• **About this task**:
The word "source" appears in some lines of the records below; state how many lines, and nothing else.

• **Data for processing**:
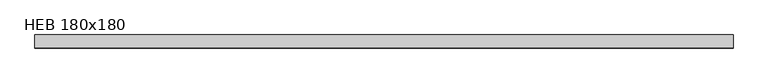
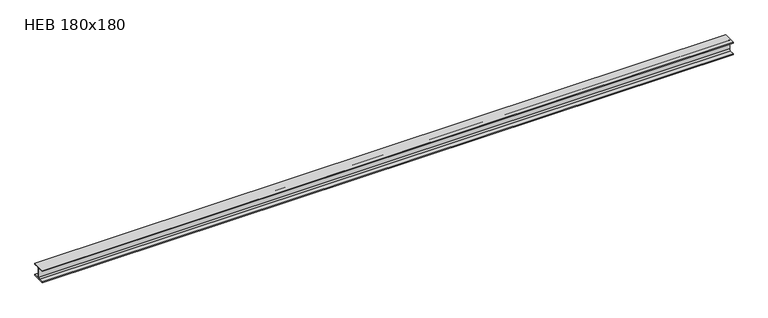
"""IFC4 building model written with IfcOpenShell, lengths in millimetres: beam geometry, M_HP-Bearing Pile : HEB 180x180."""

from ifc_helpers import new_model, si_unit, point, frame, frame_2d, origin, place, context, project, spatial, polyline, circle_curve, trimmed, segment, composite_curve, outline, extrude, source, transform, mapped, element, save


def heb_180x180_c49aca14(model_context):
    return source(origin(), model_context, "Body", "SweptSolid", [
        extrude(outline(composite_curve([segment(polyline([(-90.0, -76.9), (-25.45, -76.9)]), True, "CONTINUOUS"), segment(trimmed(circle_curve(frame_2d((-25.45, -58.0)), 18.9), [point((-25.45, -76.9))], [point((-6.55, -58.0))], True, "CARTESIAN"), True, "CONTINUOUS"), segment(polyline([(-6.55, -58.0), (-6.55, 58.0)]), True, "CONTINUOUS"), segment(trimmed(circle_curve(frame_2d((-25.45, 58.0)), 18.9), [point((-6.55, 58.0))], [point((-25.45, 76.9))], True, "CARTESIAN"), True, "CONTINUOUS"), segment(polyline([(-25.45, 76.9), (-90.0, 76.9), (-90.0, 90.0), (90.0, 90.0), (90.0, 76.9), (25.45, 76.9)]), True, "CONTINUOUS"), segment(trimmed(circle_curve(frame_2d((25.45, 58.0)), 18.9), [point((25.45, 76.9))], [point((6.55, 58.0))], True, "CARTESIAN"), True, "CONTINUOUS"), segment(polyline([(6.55, 58.0), (6.55, -58.0)]), True, "CONTINUOUS"), segment(trimmed(circle_curve(frame_2d((25.45, -58.0)), 18.9), [point((6.55, -58.0))], [point((25.45, -76.9))], True, "CARTESIAN"), True, "CONTINUOUS"), segment(polyline([(25.45, -76.9), (90.0, -76.9), (90.0, -90.0), (-90.0, -90.0), (-90.0, -76.9)]), True, "CONTINUOUS")], self_intersect=False)), frame((-4725.890407, 0.0, 0.0), z_axis=(1.0, 0.0, 0.0), x_axis=(0.0, 1.0, 0.0)), (0.0, 0.0, 1.0), 9600.8902715),
    ])


if __name__ == "__main__":
    model = new_model("IFC4")
    model_context = context("Model", 3, world=origin())
    ifc_project = project(units=[si_unit("LENGTHUNIT", "METRE", prefix="MILLI")], contexts=[model_context])
    site = spatial("IfcSite", under=ifc_project)
    building = spatial("IfcBuilding", under=site)
    placement = place(None, origin())
    heb_180x180_shape = heb_180x180_c49aca14(model_context)
    element("IfcBeam", 1, ObjectType="M_HP-Bearing Pile : HEB 180x180", at=placement, inside=building, context=model_context, shape_type="MappedRepresentation", body=[
        mapped(heb_180x180_shape, transform((0.0, 0.0, 0.0), x_axis=(1.0, 0.0, 0.0), y_axis=(0.0, 1.0, 0.0), z_axis=(0.0, 0.0, 1.0))),
    ])
    save(model, "model.ifc")

• **Exercise output**:
2